Testing PySpark & Pandas in style

#spark #pandas #testing #opensource

Today we'd like to share a small utility package for testing Dataframes on PySpark and Pandas.

If you are a fan of test-driven development and had a chance to work on PySpark (or Pandas) projects, you've probably had written tests similar to this one:

from datetime import datetime
from pyspark_test import assert_pyspark_df_equal
from your_module import calculate_result

def test_event_aggregation(spark):
    schema = ["user_id", "even_type", "item_id", "event_time", "country", "dt"]
    expected_df = spark.createDataFrame(
        [
            (123456, 'page_view', None, datetime(2017,12,31,23,50,50), "uk", "2017-12-31"),
            (123456, 'item_view', 68471513, datetime(2017,12,31,23,50,55), "uk", "2017-12-31")
        ], 
        schema
    )

    result_df = calculate_result()

    assert_pyspark_df_equal(expected_df, result_df)

It works OK for small applications, but when your project gets bigger, data gets more complicated and the amount of tests starts to grow, you might want a less tedious way to define test data.

Exacaster alumni Vaidas Armonas came up with an idea to represent Spark DataFrames as markdown tables.
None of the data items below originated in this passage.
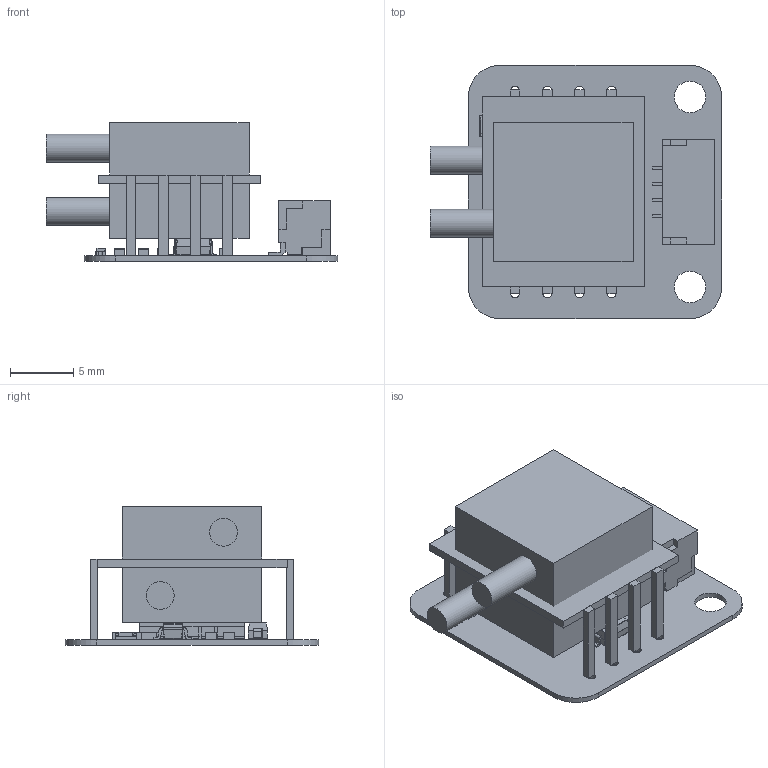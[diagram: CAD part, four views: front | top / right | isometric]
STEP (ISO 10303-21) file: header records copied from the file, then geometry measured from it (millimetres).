
FILE_DESCRIPTION(('Open CASCADE Model'),'2;1');
FILE_NAME('Open CASCADE Shape Model','2022-03-14T11:34:41',('Author'),( 'Open CASCADE'),'Open CASCADE STEP processor 6.8','Open CASCADE 6.8' ,'Unknown');
FILE_SCHEMA(('AUTOMOTIVE_DESIGN { 1 0 10303 214 1 1 1 1 }'));
Products named in the file (1): PCB
Bounding box: 23 x 20 x 10.91 mm (x, y, z)
Volume: 1532.9 mm3; surface area: 2483.8 mm2
Topology: 38 solids, 440 shells, 843 faces, 3254 edges, 2872 vertices
Faces by surface type: plane 543, bspline 156, cylinder 130, sphere 14
Full cylindrical faces by diameter (mm): 0.7 x8, 2.2 x2, 2.5 x2
Entity records: 49756 total; most frequent: CARTESIAN_POINT 21716, ORIENTED_EDGE 4282, DIRECTION 4118, EDGE_CURVE 3232, VERTEX_POINT 2872, LINE 1958, VECTOR 1958, AXIS2_PLACEMENT_3D 1080

This idea materialized to a testing package markdown-frames. With this package the test, which was shown before, can be replaced with this one:

from pyspark_test import assert_pyspark_df_equal
from markdown_frames.spark_dataframe import spark_df
from your_module import calculate_result

def test_event_aggregation(spark):
    input_data = """ 
        |  user_id   |  even_type  | item_id  |    event_time       | country  |     dt      |
        |   bigint   |   string    |  bigint  |    timestamp        |  string  |   string    |
        | ---------- | ----------- | -------- | ------------------- | -------- | ----------- |
        |   123456   |  page_view  |   None   | 2017-12-31 23:50:50 |   uk     | 2017-12-31  |
        |   123456   |  item_view  | 68471513 | 2017-12-31 23:50:55 |   uk     | 2017-12-31  |
    """
    expected_df = spark_df(input_data, spark)

    result_df = calculate_result()

    assert_pyspark_df_equal(expected_df, result_df)